Recorded data

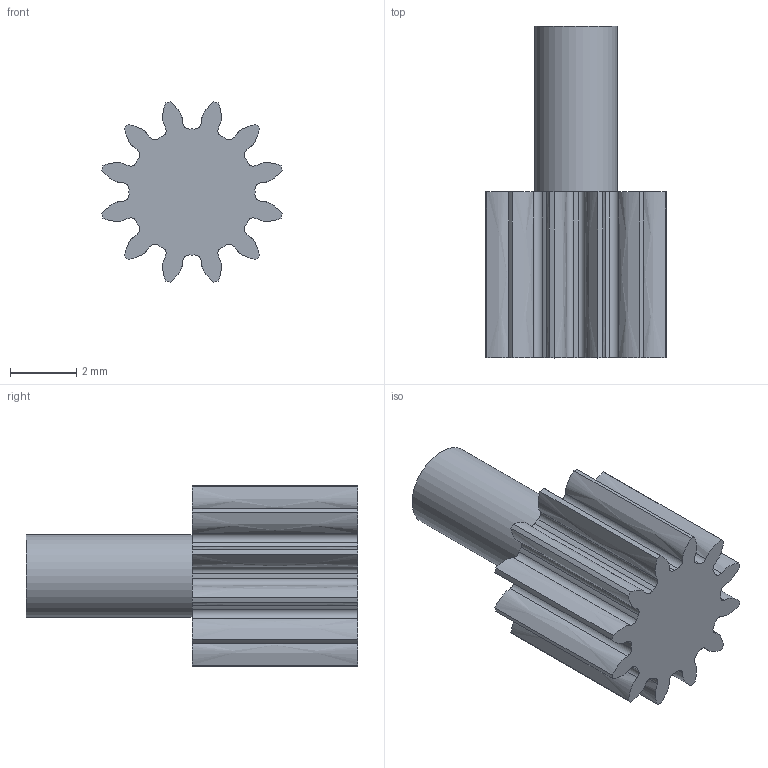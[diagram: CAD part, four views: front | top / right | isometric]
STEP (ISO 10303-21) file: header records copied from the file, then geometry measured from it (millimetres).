
FILE_DESCRIPTION(/* description */ ('STEP AP242 Edition 2','CAx-IF Rec.Pracs.---Representation and Presentation of Product Manufacturing Information (PMI)---4.0---2014-10-13','CAx-IF Rec.Pracs.---3D Tessellated Geometry---0.4---2014-09-14','2;1','CAx-IF Rec.Pracs.---User Defined Attributes---1.5---2016-08-15'),/* implementation_level */ '2;1');
FILE_NAME(/* name */ 'main - ipd gear',/* time_stamp */ '2026-11-08T20:03:43Z',/* author */ (''),/* organization */ (''),/* preprocessor_version */ 'ST-DEVELOPER v20',/* originating_system */ 'ONSHAPE BY PTC INC, 1.223',/* authorisation */ ' ');
FILE_SCHEMA (('AP242_MANAGED_MODEL_BASED_3D_ENGINEERING_MIM_LF { 1 0 10303 442 3 1 4 }'));
Length unit declared in the file: metre
Products named in the file (1): ipd gear
Bounding box: 5.45 x 10 x 5.45 mm (x, y, z)
Volume: 107.6 mm3; surface area: 219.1 mm2
Topology: 1 solids, 1 shells, 76 faces, 220 edges, 147 vertices
Faces by surface type: cylinder 49, bspline 24, plane 3
Full cylindrical faces by diameter (mm): 2.5 x1
Entity records: 4718 total; most frequent: CARTESIAN_POINT 2769, ORIENTED_EDGE 436, DIRECTION 374, EDGE_CURVE 218, AXIS2_PLACEMENT_3D 151, VERTEX_POINT 146, CIRCLE 98, EDGE_LOOP 78

(EXERCISE DESCRIPTION) Tally the lines of the records that contain the word "surface", then give only the tally.

(EXERCISE OUTPUT) 2